=== Given records ===
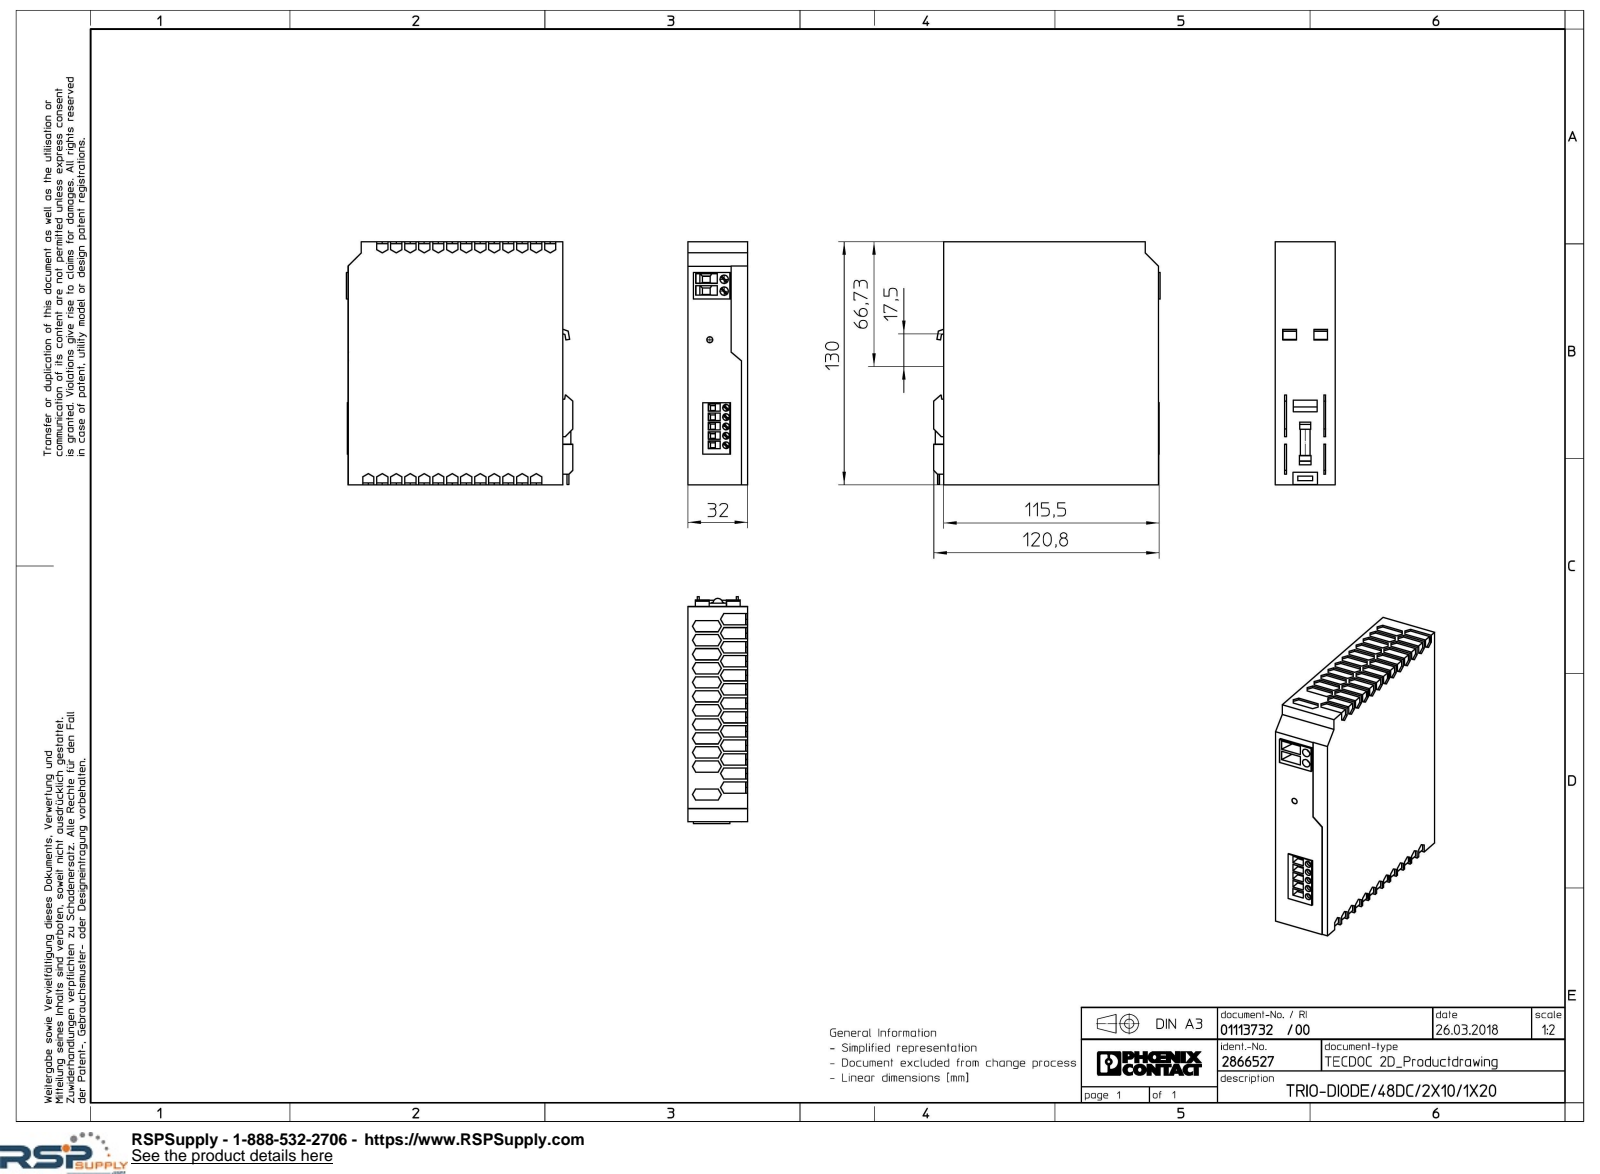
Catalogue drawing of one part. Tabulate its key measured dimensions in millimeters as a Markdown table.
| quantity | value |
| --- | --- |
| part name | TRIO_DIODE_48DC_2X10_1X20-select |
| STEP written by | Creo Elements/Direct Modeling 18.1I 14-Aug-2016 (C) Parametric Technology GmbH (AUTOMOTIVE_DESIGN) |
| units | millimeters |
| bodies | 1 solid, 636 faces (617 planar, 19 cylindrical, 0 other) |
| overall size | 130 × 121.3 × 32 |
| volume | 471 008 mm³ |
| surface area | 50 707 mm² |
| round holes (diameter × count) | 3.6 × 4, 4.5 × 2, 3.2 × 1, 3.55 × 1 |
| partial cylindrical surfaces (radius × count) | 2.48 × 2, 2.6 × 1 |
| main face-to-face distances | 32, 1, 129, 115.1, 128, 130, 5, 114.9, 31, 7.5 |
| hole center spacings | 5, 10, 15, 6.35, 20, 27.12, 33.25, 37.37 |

=== Instructions for the task ===
Work out how many lines in the material above hold the word "millimeters"; answer with the number only.

=== Solution to this exercise ===
2